# EXERCISE PROMPT:
Everything from the line with "plate_shape = plate_9dcbc979(model_context)" to the end of the data is to be retyped exactly, and nothing else.

╭─ SUPPLIED ENTRIES

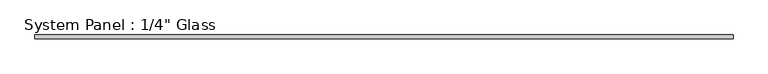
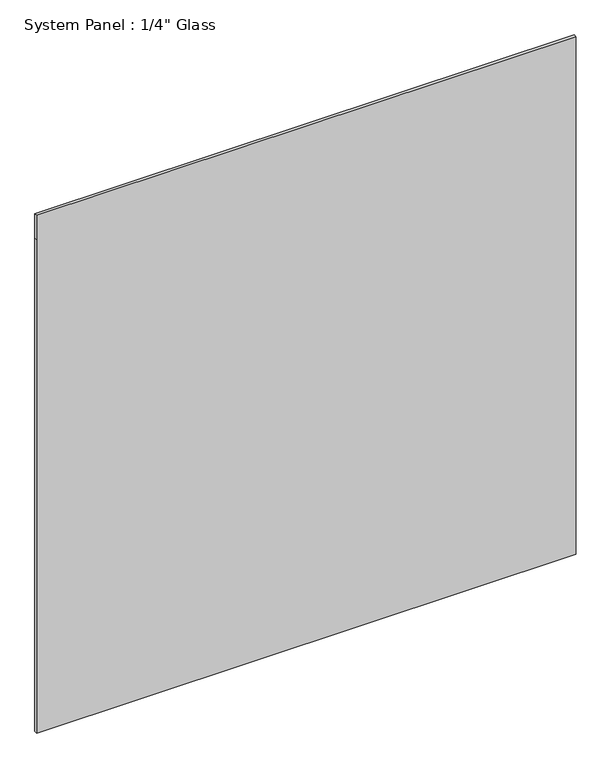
"""IFC4 building model written with IfcOpenShell, lengths in millimetres: plate geometry."""

from ifc_helpers import new_model, si_unit, frame, origin, place, context, project, spatial, polyline, outline, extrude, source, transform, mapped, element, save


def plate_9dcbc979(model_context):
    return source(origin(), model_context, "Body", "SweptSolid", [
        extrude(outline(polyline([(0.0, -612.4979315), (0.0, 612.4979315), (1184.275, 612.4979315), (1242.5844027, 612.4979315), (1242.5844027, -612.4979315), (1184.275, -612.4979315), (0.0, -612.4979315)])), frame((0.0, -3.175, 0.0), z_axis=(0.0, 1.0, 0.0), x_axis=(0.0, 0.0, 1.0)), (0.0, 0.0, 1.0), 6.35),
    ])


if __name__ == "__main__":
    model = new_model("IFC4")
    model_context = context("Model", 3, world=origin())
    ifc_project = project(units=[si_unit("LENGTHUNIT", "METRE", prefix="MILLI")], contexts=[model_context])
    site = spatial("IfcSite", under=ifc_project)
    building = spatial("IfcBuilding", under=site)
    placement = place(None, origin())
    plate_shape = plate_9dcbc979(model_context)
    element("IfcPlate", 1, ObjectType="System Panel : 1/4\" Glass", at=placement, inside=building, context=model_context, shape_type="MappedRepresentation", body=[
        mapped(plate_shape, transform((0.0, 0.0, 0.0), x_axis=(1.0, 0.0, 0.0), y_axis=(0.0, 1.0, 0.0), z_axis=(0.0, 0.0, 1.0))),
    ])
    save(model, "model.ifc")

╰─

# EXPECTED ANSWER:
    plate_shape = plate_9dcbc979(model_context)
    element("IfcPlate", 1, ObjectType="System Panel : 1/4\" Glass", at=placement, inside=building, context=model_context, shape_type="MappedRepresentation", body=[
        mapped(plate_shape, transform((0.0, 0.0, 0.0), x_axis=(1.0, 0.0, 0.0), y_axis=(0.0, 1.0, 0.0), z_axis=(0.0, 0.0, 1.0))),
    ])
    save(model, "model.ifc")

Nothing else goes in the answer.